- _Aim of the task_
What is the number of lines below that include "DALLE"? Give that number alone.

Data items
····················
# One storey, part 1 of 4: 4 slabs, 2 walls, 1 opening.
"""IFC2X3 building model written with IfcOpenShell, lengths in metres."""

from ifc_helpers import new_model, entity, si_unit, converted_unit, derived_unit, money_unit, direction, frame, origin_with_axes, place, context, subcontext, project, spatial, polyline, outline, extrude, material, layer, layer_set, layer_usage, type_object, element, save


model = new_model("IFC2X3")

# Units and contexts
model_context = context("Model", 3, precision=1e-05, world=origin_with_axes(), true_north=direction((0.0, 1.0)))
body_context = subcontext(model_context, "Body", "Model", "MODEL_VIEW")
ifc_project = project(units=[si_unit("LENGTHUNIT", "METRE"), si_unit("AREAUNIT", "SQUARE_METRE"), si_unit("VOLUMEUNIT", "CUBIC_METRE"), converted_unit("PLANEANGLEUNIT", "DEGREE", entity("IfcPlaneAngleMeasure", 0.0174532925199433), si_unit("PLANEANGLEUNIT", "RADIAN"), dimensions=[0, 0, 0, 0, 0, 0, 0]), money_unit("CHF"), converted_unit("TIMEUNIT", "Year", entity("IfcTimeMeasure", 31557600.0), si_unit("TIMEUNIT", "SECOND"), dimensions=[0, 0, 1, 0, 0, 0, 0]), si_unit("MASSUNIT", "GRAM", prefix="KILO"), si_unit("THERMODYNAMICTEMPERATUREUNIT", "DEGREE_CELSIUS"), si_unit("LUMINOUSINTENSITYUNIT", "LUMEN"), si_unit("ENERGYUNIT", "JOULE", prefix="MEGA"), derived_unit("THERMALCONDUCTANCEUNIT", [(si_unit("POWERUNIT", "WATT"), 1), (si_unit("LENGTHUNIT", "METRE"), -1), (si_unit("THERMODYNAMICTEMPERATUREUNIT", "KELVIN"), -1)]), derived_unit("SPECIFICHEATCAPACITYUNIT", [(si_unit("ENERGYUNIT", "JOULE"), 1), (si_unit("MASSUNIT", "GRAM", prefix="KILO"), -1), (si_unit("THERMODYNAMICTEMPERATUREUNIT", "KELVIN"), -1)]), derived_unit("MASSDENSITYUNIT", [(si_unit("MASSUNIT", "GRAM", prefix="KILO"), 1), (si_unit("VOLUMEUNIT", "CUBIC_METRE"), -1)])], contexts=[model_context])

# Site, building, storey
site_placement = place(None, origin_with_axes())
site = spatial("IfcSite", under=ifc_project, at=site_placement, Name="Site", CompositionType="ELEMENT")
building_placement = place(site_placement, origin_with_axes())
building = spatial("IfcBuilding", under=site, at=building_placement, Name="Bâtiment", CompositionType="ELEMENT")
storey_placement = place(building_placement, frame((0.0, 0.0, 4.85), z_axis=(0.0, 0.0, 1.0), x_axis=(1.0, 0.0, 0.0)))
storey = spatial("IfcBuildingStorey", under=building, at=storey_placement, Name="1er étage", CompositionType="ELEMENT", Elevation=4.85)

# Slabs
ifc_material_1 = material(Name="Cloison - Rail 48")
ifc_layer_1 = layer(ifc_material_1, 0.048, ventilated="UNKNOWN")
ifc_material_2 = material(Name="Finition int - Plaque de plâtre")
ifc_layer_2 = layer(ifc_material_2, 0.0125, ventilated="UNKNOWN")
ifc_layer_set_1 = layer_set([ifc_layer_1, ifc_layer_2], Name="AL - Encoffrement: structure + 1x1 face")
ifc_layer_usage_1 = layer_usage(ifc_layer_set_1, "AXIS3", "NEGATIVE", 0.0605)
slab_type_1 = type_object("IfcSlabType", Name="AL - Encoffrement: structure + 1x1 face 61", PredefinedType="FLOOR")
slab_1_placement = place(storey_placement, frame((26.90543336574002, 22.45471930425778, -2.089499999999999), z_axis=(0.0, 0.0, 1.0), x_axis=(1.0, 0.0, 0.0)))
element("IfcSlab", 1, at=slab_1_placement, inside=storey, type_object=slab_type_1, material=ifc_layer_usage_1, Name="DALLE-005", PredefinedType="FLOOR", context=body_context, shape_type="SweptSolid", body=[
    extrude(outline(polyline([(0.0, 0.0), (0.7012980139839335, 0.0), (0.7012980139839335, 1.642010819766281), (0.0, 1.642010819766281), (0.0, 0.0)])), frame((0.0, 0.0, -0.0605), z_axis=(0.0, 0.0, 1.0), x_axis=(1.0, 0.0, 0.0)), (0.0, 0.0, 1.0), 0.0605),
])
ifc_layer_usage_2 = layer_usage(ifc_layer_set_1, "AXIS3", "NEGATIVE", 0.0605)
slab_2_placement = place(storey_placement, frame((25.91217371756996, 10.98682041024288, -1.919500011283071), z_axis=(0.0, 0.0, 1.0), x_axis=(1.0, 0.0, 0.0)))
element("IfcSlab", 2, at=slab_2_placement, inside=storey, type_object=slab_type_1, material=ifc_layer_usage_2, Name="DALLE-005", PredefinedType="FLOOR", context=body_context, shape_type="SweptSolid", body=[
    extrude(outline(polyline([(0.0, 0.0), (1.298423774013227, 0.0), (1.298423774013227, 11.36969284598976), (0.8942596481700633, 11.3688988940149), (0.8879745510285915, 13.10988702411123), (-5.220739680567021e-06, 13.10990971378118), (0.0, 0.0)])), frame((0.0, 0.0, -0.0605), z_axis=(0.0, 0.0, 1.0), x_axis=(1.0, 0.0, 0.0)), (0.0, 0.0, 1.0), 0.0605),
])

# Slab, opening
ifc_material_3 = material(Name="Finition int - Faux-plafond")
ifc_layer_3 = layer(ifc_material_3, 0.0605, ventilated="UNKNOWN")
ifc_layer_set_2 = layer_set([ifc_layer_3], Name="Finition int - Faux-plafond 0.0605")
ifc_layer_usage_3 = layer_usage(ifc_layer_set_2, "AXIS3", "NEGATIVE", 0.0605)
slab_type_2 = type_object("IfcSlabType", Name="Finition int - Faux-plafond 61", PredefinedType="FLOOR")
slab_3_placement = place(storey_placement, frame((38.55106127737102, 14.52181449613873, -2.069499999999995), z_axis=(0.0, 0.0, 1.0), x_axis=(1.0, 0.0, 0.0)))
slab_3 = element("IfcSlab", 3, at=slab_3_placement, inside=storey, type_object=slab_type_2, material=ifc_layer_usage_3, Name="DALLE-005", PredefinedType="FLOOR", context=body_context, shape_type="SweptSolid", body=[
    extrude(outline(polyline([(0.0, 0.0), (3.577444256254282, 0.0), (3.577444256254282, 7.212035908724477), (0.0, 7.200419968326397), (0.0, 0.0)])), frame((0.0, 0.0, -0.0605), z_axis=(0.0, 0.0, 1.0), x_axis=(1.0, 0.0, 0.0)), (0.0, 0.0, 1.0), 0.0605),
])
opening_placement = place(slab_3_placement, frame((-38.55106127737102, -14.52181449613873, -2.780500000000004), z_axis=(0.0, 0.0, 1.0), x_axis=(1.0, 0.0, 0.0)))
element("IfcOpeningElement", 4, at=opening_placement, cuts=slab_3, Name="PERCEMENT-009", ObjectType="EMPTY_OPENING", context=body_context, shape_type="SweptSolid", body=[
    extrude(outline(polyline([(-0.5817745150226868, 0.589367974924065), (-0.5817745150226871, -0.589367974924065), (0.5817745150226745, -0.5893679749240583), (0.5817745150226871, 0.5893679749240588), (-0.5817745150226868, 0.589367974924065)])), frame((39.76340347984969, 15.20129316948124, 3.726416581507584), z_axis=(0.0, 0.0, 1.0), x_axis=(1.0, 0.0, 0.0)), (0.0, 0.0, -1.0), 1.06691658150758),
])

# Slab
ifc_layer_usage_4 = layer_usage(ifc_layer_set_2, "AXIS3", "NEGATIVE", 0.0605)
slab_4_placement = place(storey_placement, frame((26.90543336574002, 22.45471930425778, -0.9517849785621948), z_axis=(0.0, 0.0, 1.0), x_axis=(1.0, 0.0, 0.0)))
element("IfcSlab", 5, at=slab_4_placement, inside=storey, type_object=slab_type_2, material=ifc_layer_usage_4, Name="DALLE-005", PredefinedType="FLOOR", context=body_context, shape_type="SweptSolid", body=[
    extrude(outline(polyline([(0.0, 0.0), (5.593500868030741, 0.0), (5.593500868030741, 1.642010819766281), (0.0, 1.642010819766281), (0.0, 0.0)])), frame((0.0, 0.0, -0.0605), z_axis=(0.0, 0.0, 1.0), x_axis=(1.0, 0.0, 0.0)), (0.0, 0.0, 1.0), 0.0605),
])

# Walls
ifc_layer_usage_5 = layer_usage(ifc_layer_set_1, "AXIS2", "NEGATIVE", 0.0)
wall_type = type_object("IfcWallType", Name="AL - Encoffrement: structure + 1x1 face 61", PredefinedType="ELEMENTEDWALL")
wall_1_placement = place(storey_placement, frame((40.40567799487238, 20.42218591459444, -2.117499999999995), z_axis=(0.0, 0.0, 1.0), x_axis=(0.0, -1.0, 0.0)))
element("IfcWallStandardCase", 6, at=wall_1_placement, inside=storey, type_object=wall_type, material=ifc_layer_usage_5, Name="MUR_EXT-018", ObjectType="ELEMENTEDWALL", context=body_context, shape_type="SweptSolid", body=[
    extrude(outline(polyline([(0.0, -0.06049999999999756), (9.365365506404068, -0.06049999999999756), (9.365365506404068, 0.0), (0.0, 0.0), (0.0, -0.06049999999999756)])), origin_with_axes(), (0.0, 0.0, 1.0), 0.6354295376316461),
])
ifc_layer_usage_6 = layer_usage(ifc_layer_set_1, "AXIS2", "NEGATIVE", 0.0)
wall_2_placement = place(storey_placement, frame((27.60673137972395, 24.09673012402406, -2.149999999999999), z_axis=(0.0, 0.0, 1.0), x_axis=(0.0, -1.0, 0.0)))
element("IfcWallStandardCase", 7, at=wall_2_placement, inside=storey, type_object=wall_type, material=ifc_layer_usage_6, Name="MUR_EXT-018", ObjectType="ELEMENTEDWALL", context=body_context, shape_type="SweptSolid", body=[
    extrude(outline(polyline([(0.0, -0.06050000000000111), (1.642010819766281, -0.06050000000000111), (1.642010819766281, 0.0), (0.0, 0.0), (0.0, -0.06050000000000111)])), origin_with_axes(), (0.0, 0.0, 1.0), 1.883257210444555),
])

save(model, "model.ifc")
····················
- _Solution to this problem_
4